Task goal = Retype the data exactly, from its first line to the line containing "FILE_SCHEMA (( 'CONFIG_CONTROL_DESIGN' ));", including both, and skip any picture.

Recorded information =
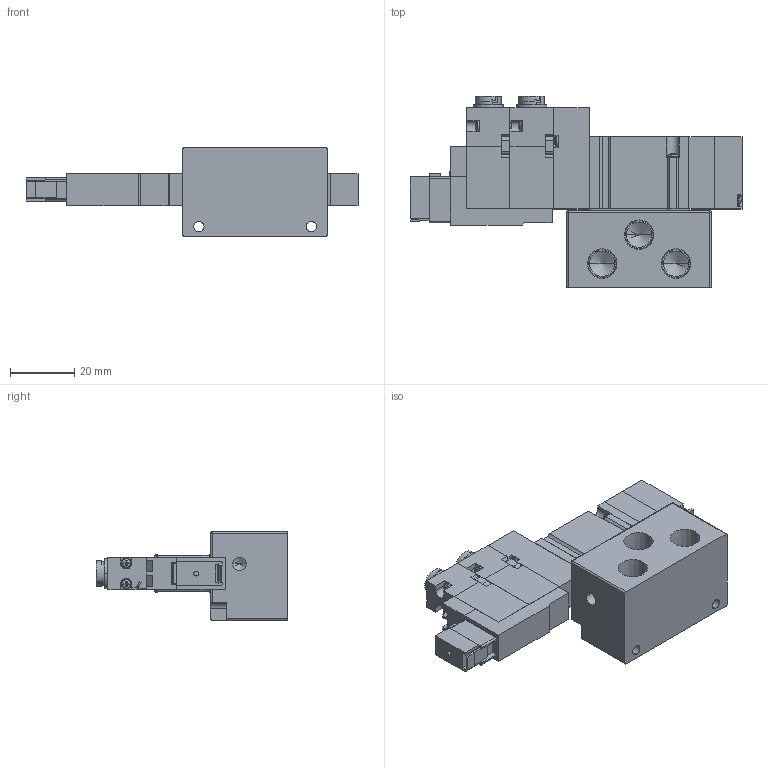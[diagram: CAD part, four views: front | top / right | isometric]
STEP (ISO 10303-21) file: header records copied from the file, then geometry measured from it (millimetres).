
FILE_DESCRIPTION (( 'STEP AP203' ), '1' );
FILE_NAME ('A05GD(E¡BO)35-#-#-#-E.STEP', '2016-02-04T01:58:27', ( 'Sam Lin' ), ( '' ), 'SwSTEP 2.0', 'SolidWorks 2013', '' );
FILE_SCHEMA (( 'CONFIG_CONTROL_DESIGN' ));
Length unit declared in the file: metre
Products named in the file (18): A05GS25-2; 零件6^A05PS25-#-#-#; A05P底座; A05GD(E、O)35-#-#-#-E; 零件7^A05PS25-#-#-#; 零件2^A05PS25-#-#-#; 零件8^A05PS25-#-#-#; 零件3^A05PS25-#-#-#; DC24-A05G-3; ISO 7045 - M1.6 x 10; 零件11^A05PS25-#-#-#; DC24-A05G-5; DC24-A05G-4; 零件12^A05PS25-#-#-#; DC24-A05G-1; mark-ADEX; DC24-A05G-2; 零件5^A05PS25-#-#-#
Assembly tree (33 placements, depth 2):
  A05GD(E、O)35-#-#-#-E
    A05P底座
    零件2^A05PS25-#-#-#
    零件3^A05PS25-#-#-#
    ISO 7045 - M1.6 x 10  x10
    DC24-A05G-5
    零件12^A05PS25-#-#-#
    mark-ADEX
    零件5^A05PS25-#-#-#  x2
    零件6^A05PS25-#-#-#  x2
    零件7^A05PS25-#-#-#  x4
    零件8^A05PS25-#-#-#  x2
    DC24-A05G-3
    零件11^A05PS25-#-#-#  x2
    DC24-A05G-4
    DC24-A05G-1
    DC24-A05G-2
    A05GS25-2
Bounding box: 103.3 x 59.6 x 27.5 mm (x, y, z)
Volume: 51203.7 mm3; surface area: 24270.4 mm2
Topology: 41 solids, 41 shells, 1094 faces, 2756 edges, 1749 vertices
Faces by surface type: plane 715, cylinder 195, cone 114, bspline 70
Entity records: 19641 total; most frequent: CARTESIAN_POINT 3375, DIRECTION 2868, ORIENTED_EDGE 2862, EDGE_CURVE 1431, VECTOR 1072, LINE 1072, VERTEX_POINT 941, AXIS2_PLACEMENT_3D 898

Written response =
[diagram: CAD part, four views: front | top / right | isometric]
STEP (ISO 10303-21) file: header records copied from the file, then geometry measured from it (millimetres).
FILE_DESCRIPTION (( 'STEP AP203' ), '1' );
FILE_NAME ('A05GD(E¡BO)35-#-#-#-E.STEP', '2016-02-04T01:58:27', ( 'Sam Lin' ), ( '' ), 'SwSTEP 2.0', 'SolidWorks 2013', '' );
FILE_SCHEMA (( 'CONFIG_CONTROL_DESIGN' ));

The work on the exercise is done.